(Extracted data entries)
══════════════════════════════

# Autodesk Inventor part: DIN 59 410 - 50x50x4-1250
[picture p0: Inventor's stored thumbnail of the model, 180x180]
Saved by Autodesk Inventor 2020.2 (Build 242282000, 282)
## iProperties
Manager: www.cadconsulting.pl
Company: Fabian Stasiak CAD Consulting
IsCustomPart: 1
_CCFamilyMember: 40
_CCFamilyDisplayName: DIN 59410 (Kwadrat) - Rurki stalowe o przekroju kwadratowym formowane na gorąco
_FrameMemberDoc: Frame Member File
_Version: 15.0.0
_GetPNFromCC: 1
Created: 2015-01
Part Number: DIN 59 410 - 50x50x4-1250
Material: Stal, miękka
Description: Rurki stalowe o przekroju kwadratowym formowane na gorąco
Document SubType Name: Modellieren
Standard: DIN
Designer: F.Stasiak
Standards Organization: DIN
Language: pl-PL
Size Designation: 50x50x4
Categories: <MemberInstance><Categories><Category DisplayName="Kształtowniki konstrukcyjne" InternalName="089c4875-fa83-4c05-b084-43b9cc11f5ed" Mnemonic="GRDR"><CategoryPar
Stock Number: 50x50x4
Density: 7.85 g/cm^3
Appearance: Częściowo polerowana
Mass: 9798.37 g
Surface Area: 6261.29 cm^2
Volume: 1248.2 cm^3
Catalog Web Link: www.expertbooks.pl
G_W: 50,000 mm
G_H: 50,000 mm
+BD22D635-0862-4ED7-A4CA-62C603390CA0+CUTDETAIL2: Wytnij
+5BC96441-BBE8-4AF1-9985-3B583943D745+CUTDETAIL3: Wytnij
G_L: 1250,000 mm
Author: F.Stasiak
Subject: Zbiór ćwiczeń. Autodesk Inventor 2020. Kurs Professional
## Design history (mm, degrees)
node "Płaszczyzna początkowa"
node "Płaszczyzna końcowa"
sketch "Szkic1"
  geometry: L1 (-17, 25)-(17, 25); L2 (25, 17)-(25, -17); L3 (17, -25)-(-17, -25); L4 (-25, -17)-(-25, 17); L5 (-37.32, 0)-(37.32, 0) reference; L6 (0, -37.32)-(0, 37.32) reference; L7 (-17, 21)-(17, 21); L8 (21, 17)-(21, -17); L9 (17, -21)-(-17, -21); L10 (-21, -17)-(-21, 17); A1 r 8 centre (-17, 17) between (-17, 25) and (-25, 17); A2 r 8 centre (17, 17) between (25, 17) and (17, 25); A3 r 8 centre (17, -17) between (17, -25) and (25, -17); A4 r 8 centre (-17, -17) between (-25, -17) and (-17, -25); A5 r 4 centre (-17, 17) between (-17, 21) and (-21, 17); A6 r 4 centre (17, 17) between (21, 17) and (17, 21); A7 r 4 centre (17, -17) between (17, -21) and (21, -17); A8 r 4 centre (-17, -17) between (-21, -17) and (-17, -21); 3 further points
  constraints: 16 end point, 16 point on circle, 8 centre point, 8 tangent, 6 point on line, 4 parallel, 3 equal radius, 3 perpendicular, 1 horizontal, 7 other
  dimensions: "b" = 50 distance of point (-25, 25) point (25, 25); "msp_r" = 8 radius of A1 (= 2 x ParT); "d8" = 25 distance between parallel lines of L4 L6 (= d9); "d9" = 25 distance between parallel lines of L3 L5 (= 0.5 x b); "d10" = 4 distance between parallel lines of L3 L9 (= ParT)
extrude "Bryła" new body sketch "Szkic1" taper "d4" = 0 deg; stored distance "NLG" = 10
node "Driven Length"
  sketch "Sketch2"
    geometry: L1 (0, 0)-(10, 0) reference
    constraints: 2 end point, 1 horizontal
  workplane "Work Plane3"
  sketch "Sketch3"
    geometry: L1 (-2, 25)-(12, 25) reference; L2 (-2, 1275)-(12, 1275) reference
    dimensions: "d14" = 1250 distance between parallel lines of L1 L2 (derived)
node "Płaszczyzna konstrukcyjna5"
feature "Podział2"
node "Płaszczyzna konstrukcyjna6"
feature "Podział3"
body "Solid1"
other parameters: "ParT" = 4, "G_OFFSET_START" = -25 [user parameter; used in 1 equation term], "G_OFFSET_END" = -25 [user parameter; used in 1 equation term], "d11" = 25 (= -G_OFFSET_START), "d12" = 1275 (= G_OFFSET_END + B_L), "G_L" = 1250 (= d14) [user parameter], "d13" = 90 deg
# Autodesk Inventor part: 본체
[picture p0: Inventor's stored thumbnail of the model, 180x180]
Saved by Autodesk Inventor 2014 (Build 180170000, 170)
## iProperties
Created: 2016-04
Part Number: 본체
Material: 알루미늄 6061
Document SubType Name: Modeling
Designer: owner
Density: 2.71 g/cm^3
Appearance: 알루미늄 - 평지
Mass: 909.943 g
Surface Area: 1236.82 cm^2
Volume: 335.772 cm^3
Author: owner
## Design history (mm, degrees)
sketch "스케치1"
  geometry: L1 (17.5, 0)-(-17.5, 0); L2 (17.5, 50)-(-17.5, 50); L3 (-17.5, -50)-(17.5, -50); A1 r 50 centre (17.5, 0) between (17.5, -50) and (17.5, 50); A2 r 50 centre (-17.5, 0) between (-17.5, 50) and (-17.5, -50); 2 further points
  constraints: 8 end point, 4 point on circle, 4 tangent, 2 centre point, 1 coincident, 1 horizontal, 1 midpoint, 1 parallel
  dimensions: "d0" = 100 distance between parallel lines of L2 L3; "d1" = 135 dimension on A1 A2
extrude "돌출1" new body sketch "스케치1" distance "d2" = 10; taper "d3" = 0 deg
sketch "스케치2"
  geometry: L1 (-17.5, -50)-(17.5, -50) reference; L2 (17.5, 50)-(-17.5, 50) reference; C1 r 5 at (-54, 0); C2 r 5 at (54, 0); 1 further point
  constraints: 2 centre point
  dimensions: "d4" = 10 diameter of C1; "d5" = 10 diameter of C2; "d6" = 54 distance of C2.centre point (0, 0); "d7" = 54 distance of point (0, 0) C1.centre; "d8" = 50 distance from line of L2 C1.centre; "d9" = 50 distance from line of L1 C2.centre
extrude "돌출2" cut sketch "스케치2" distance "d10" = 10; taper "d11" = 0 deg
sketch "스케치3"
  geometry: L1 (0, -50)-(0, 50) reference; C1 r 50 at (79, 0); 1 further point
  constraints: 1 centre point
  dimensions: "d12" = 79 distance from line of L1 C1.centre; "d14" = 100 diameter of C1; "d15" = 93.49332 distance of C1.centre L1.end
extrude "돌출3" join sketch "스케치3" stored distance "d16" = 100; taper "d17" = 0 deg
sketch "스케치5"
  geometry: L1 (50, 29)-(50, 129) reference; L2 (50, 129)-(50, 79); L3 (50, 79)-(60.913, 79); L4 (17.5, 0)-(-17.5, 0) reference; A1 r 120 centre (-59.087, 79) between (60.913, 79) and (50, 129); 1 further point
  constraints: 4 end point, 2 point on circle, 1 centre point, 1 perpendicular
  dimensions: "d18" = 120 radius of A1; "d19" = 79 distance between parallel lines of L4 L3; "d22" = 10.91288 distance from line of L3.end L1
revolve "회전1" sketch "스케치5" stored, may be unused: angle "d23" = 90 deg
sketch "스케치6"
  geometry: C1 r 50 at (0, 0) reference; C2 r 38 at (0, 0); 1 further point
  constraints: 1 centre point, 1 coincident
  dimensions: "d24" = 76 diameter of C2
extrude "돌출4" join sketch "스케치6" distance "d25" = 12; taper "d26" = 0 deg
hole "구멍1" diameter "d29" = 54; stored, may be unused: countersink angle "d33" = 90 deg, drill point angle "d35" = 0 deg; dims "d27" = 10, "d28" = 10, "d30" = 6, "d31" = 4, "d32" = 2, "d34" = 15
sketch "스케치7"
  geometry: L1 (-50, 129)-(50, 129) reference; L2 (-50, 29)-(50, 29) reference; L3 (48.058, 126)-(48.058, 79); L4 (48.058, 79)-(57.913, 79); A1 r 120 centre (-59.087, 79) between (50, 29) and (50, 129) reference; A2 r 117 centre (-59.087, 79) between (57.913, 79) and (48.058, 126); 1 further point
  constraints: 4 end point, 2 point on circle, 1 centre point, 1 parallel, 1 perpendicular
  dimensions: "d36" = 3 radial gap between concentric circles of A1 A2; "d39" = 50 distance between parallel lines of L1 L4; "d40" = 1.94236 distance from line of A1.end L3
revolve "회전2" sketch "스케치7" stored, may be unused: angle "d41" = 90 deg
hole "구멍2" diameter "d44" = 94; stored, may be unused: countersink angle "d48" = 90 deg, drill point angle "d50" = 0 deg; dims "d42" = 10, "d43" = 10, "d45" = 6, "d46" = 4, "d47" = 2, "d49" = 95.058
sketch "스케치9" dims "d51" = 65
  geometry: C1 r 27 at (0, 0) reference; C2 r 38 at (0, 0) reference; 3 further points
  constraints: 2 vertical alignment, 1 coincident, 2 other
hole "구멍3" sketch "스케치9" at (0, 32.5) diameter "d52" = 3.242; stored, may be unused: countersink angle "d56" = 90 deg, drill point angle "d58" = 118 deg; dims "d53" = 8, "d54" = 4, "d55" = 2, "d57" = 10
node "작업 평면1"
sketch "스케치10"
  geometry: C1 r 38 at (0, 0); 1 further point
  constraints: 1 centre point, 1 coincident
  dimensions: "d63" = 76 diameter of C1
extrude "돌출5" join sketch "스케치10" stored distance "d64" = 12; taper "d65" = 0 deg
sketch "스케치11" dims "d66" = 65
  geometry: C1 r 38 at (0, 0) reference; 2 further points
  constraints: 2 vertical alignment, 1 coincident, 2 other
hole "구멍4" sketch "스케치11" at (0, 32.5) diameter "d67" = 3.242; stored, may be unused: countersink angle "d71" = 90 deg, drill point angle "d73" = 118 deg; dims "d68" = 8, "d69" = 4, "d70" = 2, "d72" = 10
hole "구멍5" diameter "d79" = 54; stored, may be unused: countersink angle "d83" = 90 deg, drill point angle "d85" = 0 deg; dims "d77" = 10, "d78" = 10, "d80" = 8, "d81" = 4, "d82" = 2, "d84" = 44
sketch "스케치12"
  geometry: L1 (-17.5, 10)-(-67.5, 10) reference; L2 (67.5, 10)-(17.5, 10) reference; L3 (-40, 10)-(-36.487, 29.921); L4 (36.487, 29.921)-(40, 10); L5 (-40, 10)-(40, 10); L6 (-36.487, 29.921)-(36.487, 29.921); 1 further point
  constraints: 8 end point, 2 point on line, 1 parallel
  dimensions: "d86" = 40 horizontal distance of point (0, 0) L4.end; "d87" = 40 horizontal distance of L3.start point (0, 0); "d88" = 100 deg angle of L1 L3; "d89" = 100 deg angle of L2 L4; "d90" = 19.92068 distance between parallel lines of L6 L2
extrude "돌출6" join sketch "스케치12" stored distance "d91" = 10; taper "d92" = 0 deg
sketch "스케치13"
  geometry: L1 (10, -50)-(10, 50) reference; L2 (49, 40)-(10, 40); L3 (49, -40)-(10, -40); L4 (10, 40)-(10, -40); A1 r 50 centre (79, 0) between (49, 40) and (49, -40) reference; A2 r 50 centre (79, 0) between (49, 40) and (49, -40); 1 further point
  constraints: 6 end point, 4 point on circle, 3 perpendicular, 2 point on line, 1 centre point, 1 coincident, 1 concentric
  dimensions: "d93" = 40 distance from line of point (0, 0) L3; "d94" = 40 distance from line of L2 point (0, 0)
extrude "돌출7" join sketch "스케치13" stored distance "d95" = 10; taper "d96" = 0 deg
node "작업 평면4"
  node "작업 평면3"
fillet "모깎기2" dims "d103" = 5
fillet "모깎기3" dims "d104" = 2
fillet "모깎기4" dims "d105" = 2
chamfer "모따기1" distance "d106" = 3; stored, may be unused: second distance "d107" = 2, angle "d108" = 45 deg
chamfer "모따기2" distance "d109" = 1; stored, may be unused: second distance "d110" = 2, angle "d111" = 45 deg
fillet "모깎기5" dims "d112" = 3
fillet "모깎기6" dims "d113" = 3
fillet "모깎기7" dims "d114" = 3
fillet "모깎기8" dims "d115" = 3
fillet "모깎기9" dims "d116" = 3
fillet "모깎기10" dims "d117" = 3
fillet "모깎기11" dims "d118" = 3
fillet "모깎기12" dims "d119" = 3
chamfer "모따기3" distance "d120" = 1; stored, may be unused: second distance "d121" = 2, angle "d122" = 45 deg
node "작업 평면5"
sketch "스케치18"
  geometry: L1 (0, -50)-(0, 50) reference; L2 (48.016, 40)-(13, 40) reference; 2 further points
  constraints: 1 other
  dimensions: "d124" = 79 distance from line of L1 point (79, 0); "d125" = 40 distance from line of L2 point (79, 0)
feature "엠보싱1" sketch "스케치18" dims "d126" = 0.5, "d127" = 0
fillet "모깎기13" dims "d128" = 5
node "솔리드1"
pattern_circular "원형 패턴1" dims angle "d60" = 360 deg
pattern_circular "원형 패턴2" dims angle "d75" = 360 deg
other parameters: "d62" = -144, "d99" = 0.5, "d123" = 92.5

══════════════════════════════

_Exercise directions_. Go through the entries and report every line with the string "feature".

_Answer for the task_.
feature "Podział2"
feature "Podział3"
feature "엠보싱1" sketch "스케치18" dims "d126" = 0.5, "d127" = 0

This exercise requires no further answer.